- TASK INPUT -
┄┄┄┄┄┄┄┄┄┄┄┄┄┄┄┄┄┄┄┄
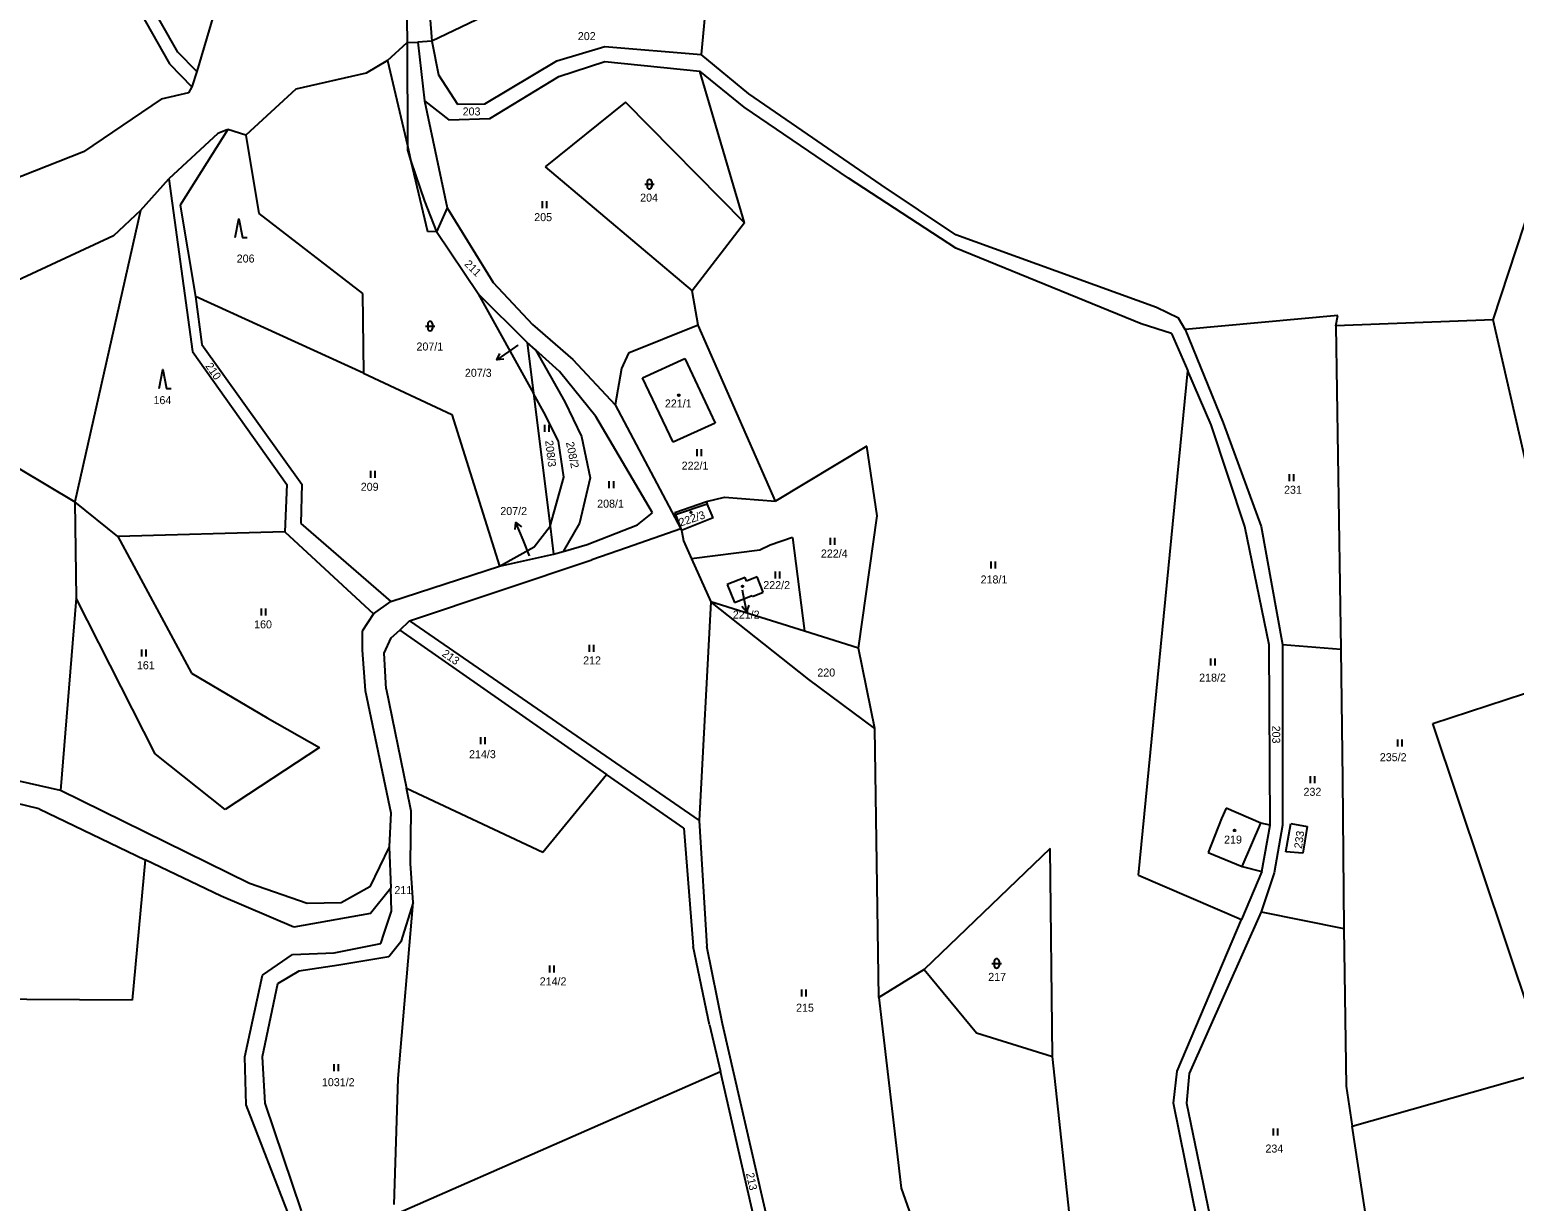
# Model space of a CAD drawing. Extents: x -670359 to -660124, y -978807 to -970072.
# Drawn here: x -669891.1 to -669575.5, y -977465.8 to -977216.7 of the extents above; entities that cross this region are included whole.
import ezdxf

# ---------------------------------------------------------------- set-up
doc = ezdxf.new("R2010")
doc.units = 0
for name, color, linetype in [('Hranice parcel', 7, 'Continuous'), ('Parcelní čísla', 7, 'Continuous'), ('Vnitřní kresba', 7, 'Continuous'), ('Značky budov', 7, 'Continuous'), ('Značky kultur', 7, 'Continuous')]:
    doc.layers.add(name, color=color, linetype=linetype)

msp = doc.modelspace()

# ---------------------------------------------------------------- linework, layer by layer
at = {"layer": 'Hranice parcel'}
for p, q in [((-669739.01, -977333.17), (-669742.81, -977334.66)), ((-669738.72, -977333.92), (-669739.01, -977333.17)), ((-669736.45, -977333.03), (-669738.72, -977333.92)), ((-669735.16, -977336.25), (-669736.45, -977333.03)), ((-669742.81, -977334.66), (-669741.28, -977338.46)), ((-669737.46, -977337.16), (-669735.16, -977336.25)), ((-669741.28, -977338.46), (-669737.54, -977336.98)), ((-669737.54, -977336.98), (-669737.46, -977337.16))]:
    msp.add_line(p, q, dxfattribs=at)
for points in [[(-669745.97, -977196.23), (-669748.39, -977221.98)], [(-669873.73, -977202.11), (-669861.38, -977223.93)], [(-669859.63, -977221.44), (-669870.61, -977202.09)], [(-669780.54, -977207.07), (-669805.6, -977219.15)], [(-669852, -977213.57), (-669855.6, -977225.55)], [(-669805.6, -977219.15), (-669808.62, -977219.32)], [(-669808.62, -977219.32), (-669807.2, -977231.84)], [(-669805.6, -977219.15), (-669804.19, -977226.31)], [(-669855.6, -977225.55), (-669859.63, -977221.44)], [(-669779.01, -977223.28), (-669768.87, -977220.26)], [(-669768.87, -977220.26), (-669748.39, -977221.98)], [(-669738.19, -977230.31), (-669748.39, -977221.98)], [(-669861.38, -977223.93), (-669856.65, -977228.85)], [(-669855.6, -977225.55), (-669856.65, -977228.85)], [(-669819.61, -977225.91), (-669834.51, -977229.35)], [(-669815.03, -977223.23), (-669819.61, -977225.91)], [(-669815.03, -977223.23), (-669810.82, -977241.3)], [(-669794.32, -977232.48), (-669779.01, -977223.28)], [(-669778.6, -977226.63), (-669768.86, -977223.46)], [(-669768.86, -977223.46), (-669748.61, -977225.5)], [(-669739.21, -977233.19), (-669748.61, -977225.5)], [(-669739.16, -977257.72), (-669748.61, -977225.5)], [(-669856.65, -977228.85), (-669857.35, -977230.1)], [(-669804.19, -977226.31), (-669800.16, -977232.52)], [(-669793.26, -977235.59), (-669778.6, -977226.63)], [(-669863.14, -977231.48), (-669879.68, -977242.68)], [(-669857.35, -977230.1), (-669863.14, -977231.48)], [(-669834.51, -977229.35), (-669845.14, -977239.1)], [(-669807.2, -977231.84), (-669802.36, -977254.58)], [(-669807.2, -977231.84), (-669801.98, -977235.88)], [(-669764.41, -977232.06), (-669781.53, -977245.83)], [(-669739.16, -977257.72), (-669764.41, -977232.06)], [(-669710.1, -977249.64), (-669738.19, -977230.31)], [(-669800.16, -977232.52), (-669794.32, -977232.48)], [(-669717.06, -977248.24), (-669739.21, -977233.19)], [(-669848.97, -977237.91), (-669859.14, -977253.96)], [(-669848.97, -977237.91), (-669851.13, -977238.73)], [(-669845.14, -977239.1), (-669848.97, -977237.91)], [(-669801.98, -977235.88), (-669793.26, -977235.59)], [(-669851.13, -977238.73), (-669861.56, -977248.4)], [(-669845.14, -977239.1), (-669842.41, -977255.78)], [(-669810.82, -977241.3), (-669810.05, -977244.62)], [(-669879.68, -977242.68), (-669903.28, -977251.92)], [(-669810.05, -977244.62), (-669806.57, -977259.56)], [(-669781.53, -977245.83), (-669750.28, -977272.17)], [(-669867.54, -977255.16), (-669861.56, -977248.4)], [(-669861.56, -977248.4), (-669856.49, -977285.11)], [(-669694.19, -977263.13), (-669717.06, -977248.24)], [(-669694.2, -977260.33), (-669710.1, -977249.64)], [(-669579.99, -977278.35), (-669570.08, -977248.16)], [(-669859.14, -977253.96), (-669855.83, -977273.44)], [(-669867.54, -977255.16), (-669881.51, -977317.07)], [(-669867.54, -977255.16), (-669873.27, -977260.54)], [(-669842.41, -977255.78), (-669820.33, -977272.75)], [(-669802.36, -977254.58), (-669804.65, -977259.63)], [(-669802.36, -977254.58), (-669792.59, -977270.43)], [(-669873.27, -977260.54), (-669899.87, -977272.82)], [(-669804.65, -977259.63), (-669806.57, -977259.56)], [(-669795.78, -977272.85), (-669804.65, -977259.63)], [(-669739.16, -977257.72), (-669750.28, -977272.17)], [(-669651.58, -977275.74), (-669694.2, -977260.33)], [(-669654.84, -977279.2), (-669694.19, -977263.13)], [(-669820.33, -977272.75), (-669820.16, -977289.69)], [(-669795.78, -977272.85), (-669783.98, -977294.05)], [(-669785.33, -977283.17), (-669795.78, -977272.85)], [(-669792.59, -977270.43), (-669784.23, -977279.33)], [(-669749.03, -977279.5), (-669750.28, -977272.17)], [(-669855.83, -977273.44), (-669854.5, -977283.58)], [(-669820.16, -977289.69), (-669855.83, -977273.44)], [(-669646.85, -977278.03), (-669651.58, -977275.74)], [(-669784.23, -977279.33), (-669775.63, -977286.79)], [(-669749.03, -977279.5), (-669763.8, -977285.44)], [(-669732.56, -977316.93), (-669749.03, -977279.5)], [(-669648.35, -977281.24), (-669654.84, -977279.2)], [(-669645.47, -977280.42), (-669646.85, -977278.03)], [(-669613.02, -977277.43), (-669645.47, -977280.42)], [(-669613.41, -977279.67), (-669613.02, -977277.43)], [(-669579.99, -977278.35), (-669613.41, -977279.67)], [(-669613.41, -977279.67), (-669612.4, -977348.39)], [(-669568.52, -977328.39), (-669579.99, -977278.35)], [(-669648.35, -977281.24), (-669644.9, -977289.2)], [(-669645.47, -977280.42), (-669637.37, -977300.27)], [(-669856.49, -977285.11), (-669836.43, -977313.36)], [(-669854.5, -977283.58), (-669833.23, -977313.34)], [(-669783.61, -977284.73), (-669785.33, -977283.17)], [(-669785.33, -977283.17), (-669783.98, -977294.05)], [(-669783.61, -977284.73), (-669777.31, -977295.79), (-669773.81, -977303.17), (-669771.93, -977311.94), (-669774.22, -977321.62), (-669777.7, -977327.62)], [(-669778.5, -977289.36), (-669783.61, -977284.73)], [(-669763.8, -977285.44), (-669765.3, -977288.73)], [(-669775.63, -977286.79), (-669766.62, -977296.41)], [(-669765.3, -977288.73), (-669766.62, -977296.41)], [(-669760.82, -977290.7), (-669751.8, -977286.57)], [(-669751.8, -977286.57), (-669745.41, -977300.35)], [(-669928.04, -977289.3), (-669881.51, -977317.07)], [(-669820.16, -977289.69), (-669801.4, -977298.53)], [(-669770.77, -977298.91), (-669778.5, -977289.36)], [(-669754.34, -977304.4), (-669760.82, -977290.7)], [(-669655.39, -977396.43), (-669644.9, -977289.2)], [(-669639.93, -977300.68), (-669644.9, -977289.2)], [(-669783.98, -977294.05), (-669780.47, -977322.26)], [(-669780.47, -977322.26), (-669777.53, -977311.83), (-669778.67, -977304.18), (-669781.79, -977297.97), (-669783.98, -977294.05)], [(-669801.4, -977298.53), (-669791.23, -977330.75)], [(-669766.62, -977296.41), (-669752.68, -977322.83)], [(-669758.69, -977319.41), (-669770.77, -977298.91)], [(-669745.41, -977300.35), (-669754.34, -977304.4)], [(-669632.77, -977322.3), (-669639.93, -977300.68)], [(-669637.37, -977300.27), (-669629.33, -977322.28)], [(-669713.15, -977305.2), (-669732.56, -977316.93)], [(-669710.92, -977320.05), (-669713.15, -977305.2)], [(-669836.43, -977313.36), (-669836.85, -977323.44)], [(-669833.23, -977313.34), (-669833.5, -977321.66)], [(-669881.51, -977317.07), (-669881.24, -977337.52)], [(-669872.35, -977324.45), (-669881.51, -977317.07)], [(-669753.94, -977319.34), (-669747.24, -977316.99)], [(-669747.24, -977316.99), (-669743.4, -977316.09)], [(-669747.24, -977316.99), (-669747.08, -977317.47)], [(-669745.78, -977320.48), (-669747.08, -977317.47)], [(-669743.4, -977316.09), (-669732.56, -977316.93)], [(-669761.88, -977321.94), (-669758.69, -977319.41)], [(-669753.94, -977319.34), (-669753.8, -977319.74)], [(-669753.8, -977319.74), (-669752.68, -977322.83)], [(-669745.78, -977320.48), (-669752.56, -977323.17)], [(-669714.94, -977348.16), (-669710.92, -977320.05)], [(-669836.85, -977323.44), (-669872.35, -977324.45)], [(-669836.85, -977323.44), (-669818.04, -977340.9)], [(-669833.5, -977321.66), (-669814.3, -977338.24)], [(-669791.23, -977330.75), (-669783.88, -977326.62), (-669780.47, -977322.26)], [(-669780.47, -977322.26), (-669779.73, -977328.21)], [(-669772.6, -977326.15), (-669761.88, -977321.94)], [(-669752.68, -977322.83), (-669764.26, -977326.84), (-669771.57, -977329.37)], [(-669752.68, -977322.83), (-669752.56, -977323.17)], [(-669752.56, -977323.17), (-669752.48, -977323.41)], [(-669752.48, -977323.41), (-669752.15, -977325.33)], [(-669627.6, -977347.44), (-669632.77, -977322.3)], [(-669629.33, -977322.28), (-669624.8, -977347.42)], [(-669872.35, -977324.45), (-669856.68, -977353.52)], [(-669777.7, -977327.62), (-669772.6, -977326.15)], [(-669752.15, -977325.33), (-669750.41, -977329.18)], [(-669733.67, -977326.26), (-669735.91, -977327.31)], [(-669728.96, -977324.63), (-669733.67, -977326.26)], [(-669728.96, -977324.63), (-669726.39, -977344.56)], [(-669810.36, -977342.38), (-669771.57, -977329.37)], [(-669791.23, -977330.75), (-669779.73, -977328.21)], [(-669779.73, -977328.21), (-669777.7, -977327.62)], [(-669735.91, -977327.31), (-669750.41, -977329.18)], [(-669750.41, -977329.18), (-669746.32, -977338.31)], [(-669814.3, -977338.24), (-669791.23, -977330.75)], [(-669881.24, -977337.52), (-669884.54, -977378.46)], [(-669864.43, -977370.67), (-669881.24, -977337.52)], [(-669818.04, -977340.9), (-669814.3, -977338.24)], [(-669746.32, -977338.31), (-669748.79, -977384.84)], [(-669726.39, -977344.56), (-669746.32, -977338.31)], [(-669725.44, -977354.82), (-669746.32, -977338.31)], [(-669818.04, -977340.9), (-669820.42, -977344.59)], [(-669812.43, -977344.31), (-669810.36, -977342.38)], [(-669810.36, -977342.38), (-669748.79, -977384.84)], [(-669820.42, -977344.59), (-669820.4, -977348.59)], [(-669814.26, -977346), (-669812.43, -977344.31)], [(-669812.43, -977344.31), (-669768.46, -977375.01)], [(-669714.94, -977348.16), (-669726.39, -977344.56)], [(-669820.4, -977348.59), (-669819.8, -977357.14)], [(-669815.76, -977349.2), (-669814.26, -977346)], [(-669711.47, -977365.28), (-669714.94, -977348.16)], [(-669627.39, -977385.8), (-669627.6, -977347.44)], [(-669624.8, -977347.42), (-669624.75, -977385.78)], [(-669624.8, -977347.42), (-669612.4, -977348.39)], [(-669612.4, -977348.39), (-669612.01, -977376.12)], [(-669815.32, -977356.79), (-669815.76, -977349.2)], [(-669856.68, -977353.52), (-669840.64, -977363.01)], [(-669711.47, -977365.28), (-669725.44, -977354.82)], [(-669819.8, -977357.14), (-669814.3, -977383.16)], [(-669815.32, -977356.79), (-669810.99, -977377.91)], [(-669592.8, -977364.17), (-669573.32, -977357.82)], [(-669840.64, -977363.01), (-669829.49, -977369.26)], [(-669571.83, -977426.86), (-669592.8, -977364.17)], [(-669710.6, -977422.41), (-669711.47, -977365.28)], [(-669849.57, -977382.49), (-669864.43, -977370.67)], [(-669829.49, -977369.26), (-669849.57, -977382.49)], [(-669884.54, -977378.46), (-669899.99, -977374.96)], [(-669782.05, -977391.57), (-669768.46, -977375.01)], [(-669752.06, -977386.46), (-669768.46, -977375.01)], [(-669612.01, -977376.12), (-669611.76, -977407.76)], [(-669889.07, -977382.32), (-669901.73, -977379.28)], [(-669844.36, -977398.2), (-669884.54, -977378.46)], [(-669809.98, -977382.81), (-669810.99, -977377.91)], [(-669810.99, -977377.91), (-669782.05, -977391.57)], [(-669889.07, -977382.32), (-669866.53, -977393.14)], [(-669814.3, -977383.16), (-669814.66, -977390.43)], [(-669810.16, -977393.92), (-669809.98, -977382.81)], [(-669636.77, -977382.18), (-669637.73, -977384.37)], [(-669629.39, -977385.41), (-669636.77, -977382.18)], [(-669752.06, -977386.46), (-669750.09, -977411.62)], [(-669748.79, -977384.84), (-669747.13, -977411.6)], [(-669637.73, -977384.37), (-669640.55, -977391.63)], [(-669627.39, -977385.8), (-669629.39, -977385.41)], [(-669629.18, -977395.64), (-669627.39, -977385.8)], [(-669624.75, -977385.78), (-669626.54, -977395.94)], [(-669624.08, -977391.45), (-669622.99, -977385.45)], [(-669622.99, -977385.45), (-669619.55, -977386.07)], [(-669619.55, -977386.07), (-669620.48, -977391.75)], [(-669866.53, -977393.14), (-669869.36, -977423.01)], [(-669850.43, -977400.87), (-669866.53, -977393.14)], [(-669814.66, -977390.43), (-669818.77, -977398.92)], [(-669814.66, -977390.43), (-669814.35, -977399.19)], [(-669674.15, -977390.79), (-669700.96, -977416.52)], [(-669673.67, -977434.98), (-669674.15, -977390.79)], [(-669640.55, -977391.63), (-669633.34, -977394.62)], [(-669620.48, -977391.75), (-669624.08, -977391.45)], [(-669809.56, -977402.23), (-669810.16, -977393.92)], [(-669655.39, -977396.43), (-669633.52, -977405.89)], [(-669629.18, -977395.64), (-669633.52, -977405.89)], [(-669633.34, -977394.62), (-669629.18, -977395.64)], [(-669626.54, -977395.94), (-669629.29, -977404.19)], [(-669832.11, -977402.44), (-669844.36, -977398.2)], [(-669818.77, -977398.92), (-669824.91, -977402.32)], [(-669814.35, -977399.19), (-669818.66, -977404.6)], [(-669814.18, -977404.09), (-669814.35, -977399.19)], [(-669834.96, -977407.49), (-669850.43, -977400.87)], [(-669824.91, -977402.32), (-669832.11, -977402.44)], [(-669812.79, -977439.64), (-669809.56, -977402.23)], [(-669809.56, -977402.23), (-669812.23, -977410.63)], [(-669818.66, -977404.6), (-669834.96, -977407.49)], [(-669815.76, -977408.74), (-669814.18, -977404.09)], [(-669647.18, -977438.1), (-669633.52, -977405.89)], [(-669629.29, -977404.19), (-669644.62, -977438.56)], [(-669629.29, -977404.19), (-669611.76, -977407.76)], [(-669816.47, -977410.98), (-669815.76, -977408.74)], [(-669611.76, -977407.76), (-669611.26, -977441.32)], [(-669826.37, -977412.95), (-669816.47, -977410.98)], [(-669812.23, -977410.63), (-669814.77, -977413.76)], [(-669746.56, -977428.22), (-669750.09, -977411.62)], [(-669743.84, -977428.05), (-669747.13, -977411.6)], [(-669841.62, -977417.68), (-669835.25, -977413.33)], [(-669835.25, -977413.33), (-669826.37, -977412.95)], [(-669814.77, -977413.76), (-669825.4, -977415.59)], [(-669845.37, -977435.04), (-669841.62, -977417.68)], [(-669833.87, -977416.84), (-669838.41, -977419.5)], [(-669825.4, -977415.59), (-669833.87, -977416.84)], [(-669700.96, -977416.52), (-669710.6, -977422.41)], [(-669700.96, -977416.52), (-669689.85, -977429.96)], [(-669838.41, -977419.5), (-669841.69, -977435.02)], [(-669869.36, -977423.01), (-669958.87, -977422.47)], [(-669710.6, -977422.41), (-669705.83, -977462.98)], [(-669746.56, -977428.22), (-669744.27, -977438.16)], [(-669731.56, -977481.43), (-669743.84, -977428.05)], [(-669689.85, -977429.96), (-669673.67, -977434.98)], [(-669609.96, -977449.78), (-669546.2, -977431.72)], [(-669845.07, -977445.27), (-669845.37, -977435.04)], [(-669841.69, -977435.02), (-669841.15, -977444.93)], [(-669667.44, -977492.96), (-669673.67, -977434.98)], [(-669813.61, -977466.42), (-669812.79, -977439.64)], [(-669812.71, -977468.21), (-669744.27, -977438.16)], [(-669733.87, -977483.37), (-669744.27, -977438.16)], [(-669647.94, -977444.89), (-669647.18, -977438.1)], [(-669644.62, -977438.56), (-669645.15, -977444.88)], [(-669611.26, -977441.32), (-669609.96, -977449.78)], [(-669835.84, -977469.21), (-669845.07, -977445.27)], [(-669841.15, -977444.93), (-669833.41, -977467.78)], [(-669638.99, -977489.03), (-669647.94, -977444.89)], [(-669645.15, -977444.88), (-669636.28, -977488.14)], [(-669606.12, -977474.85), (-669609.96, -977449.78)], [(-669705.83, -977462.98), (-669686.33, -977518.16)]]:
    msp.add_lwpolyline(points, dxfattribs=at)
at = {"layer": 'Parcelní čísla'}
for p, q in [((-669787.35, -977283.77), (-669788.51, -977284.58)), ((-669790.3, -977286.74), (-669791.79, -977286.86)), ((-669787.93, -977322.95), (-669787.73, -977321.47)), ((-669784.84, -977328.55), (-669786.22, -977325.17)), ((-669739.66, -977335.8), (-669739.51, -977336.53)), ((-669738.22, -977339.02), (-669738.69, -977340.44))]:
    msp.add_line(p, q, dxfattribs=at)
for points in [[(-669788.51, -977284.58), (-669791.79, -977286.86), (-669791.16, -977285.5)], [(-669786.22, -977325.17), (-669787.73, -977321.47), (-669786.54, -977322.39)], [(-669739.51, -977336.53), (-669738.69, -977340.44), (-669739.69, -977339.33)]]:
    msp.add_lwpolyline(points, dxfattribs=at)
at = {"layer": 'Vnitřní kresba'}
for points in [[(-669807.3, -977197.24), (-669805.6, -977219.15)], [(-669811.13, -977199.58), (-669810.87, -977219.4)], [(-669815.03, -977223.23), (-669810.87, -977219.4)], [(-669810.87, -977219.4), (-669808.62, -977219.32)], [(-669810.87, -977219.4), (-669810.82, -977241.3)], [(-669810.82, -977241.3), (-669810.82, -977242.33)], [(-669810.82, -977242.33), (-669810.05, -977244.62)], [(-669810.05, -977244.62), (-669807.16, -977253.17)], [(-669807.16, -977253.17), (-669804.65, -977259.63)], [(-669753.8, -977319.74), (-669747.08, -977317.47)], [(-669633.34, -977394.62), (-669629.39, -977385.41)]]:
    msp.add_lwpolyline(points, dxfattribs=at)
at = {"layer": 'Značky budov'}
for centre in [(-669753.11, -977294.4), (-669750.51, -977319.29), (-669739.57, -977335.02), (-669634.96, -977386.93)]:
    msp.add_circle(centre, 0.175, dxfattribs=at)
at = {"layer": 'Značky kultur'}
for p, q in [((-669760.37, -977249.54), (-669758.37, -977249.54)), ((-669759.87, -977249.04), (-669759.87, -977250.04)), ((-669758.87, -977249.04), (-669758.87, -977250.04)), ((-669782.15, -977253.12), (-669782.15, -977254.62)), ((-669781.15, -977254.62), (-669781.15, -977253.12)), ((-669806.48, -977279.21), (-669806.48, -977280.21)), ((-669805.48, -977279.21), (-669805.48, -977280.21)), ((-669806.98, -977279.71), (-669804.98, -977279.71)), ((-669781.69, -977300.68), (-669781.69, -977302.18)), ((-669780.69, -977302.18), (-669780.69, -977300.68)), ((-669749.28, -977305.88), (-669749.28, -977307.38)), ((-669748.28, -977307.38), (-669748.28, -977305.88)), ((-669818.63, -977310.45), (-669818.63, -977311.95)), ((-669817.63, -977311.95), (-669817.63, -977310.45)), ((-669623.33, -977311.15), (-669623.33, -977312.65)), ((-669622.33, -977312.65), (-669622.33, -977311.15)), ((-669767.96, -977312.68), (-669767.96, -977314.18)), ((-669766.96, -977314.18), (-669766.96, -977312.68)), ((-669720.91, -977324.7), (-669720.91, -977326.2)), ((-669719.91, -977326.2), (-669719.91, -977324.7)), ((-669686.81, -977329.75), (-669686.81, -977331.25)), ((-669685.81, -977331.25), (-669685.81, -977329.75)), ((-669732.65, -977331.88), (-669732.65, -977333.38)), ((-669731.65, -977333.38), (-669731.65, -977331.88)), ((-669841.88, -977339.75), (-669841.88, -977341.25)), ((-669840.88, -977341.25), (-669840.88, -977339.75)), ((-669867.36, -977348.45), (-669867.36, -977349.95)), ((-669866.36, -977349.95), (-669866.36, -977348.45)), ((-669772.16, -977347.43), (-669772.16, -977348.93)), ((-669771.16, -977348.93), (-669771.16, -977347.43)), ((-669640.08, -977350.35), (-669640.08, -977351.85)), ((-669639.08, -977351.85), (-669639.08, -977350.35)), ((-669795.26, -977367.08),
┄┄┄┄┄┄┄┄┄┄┄┄┄┄┄┄┄┄┄┄
Each line of the material that contains the string "centre" has to be copied out.

- RESPONSE TO THIS TASK -
for centre in [(-669753.11, -977294.4), (-669750.51, -977319.29), (-669739.57, -977335.02), (-669634.96, -977386.93)]:
    msp.add_circle(centre, 0.175, dxfattribs=at)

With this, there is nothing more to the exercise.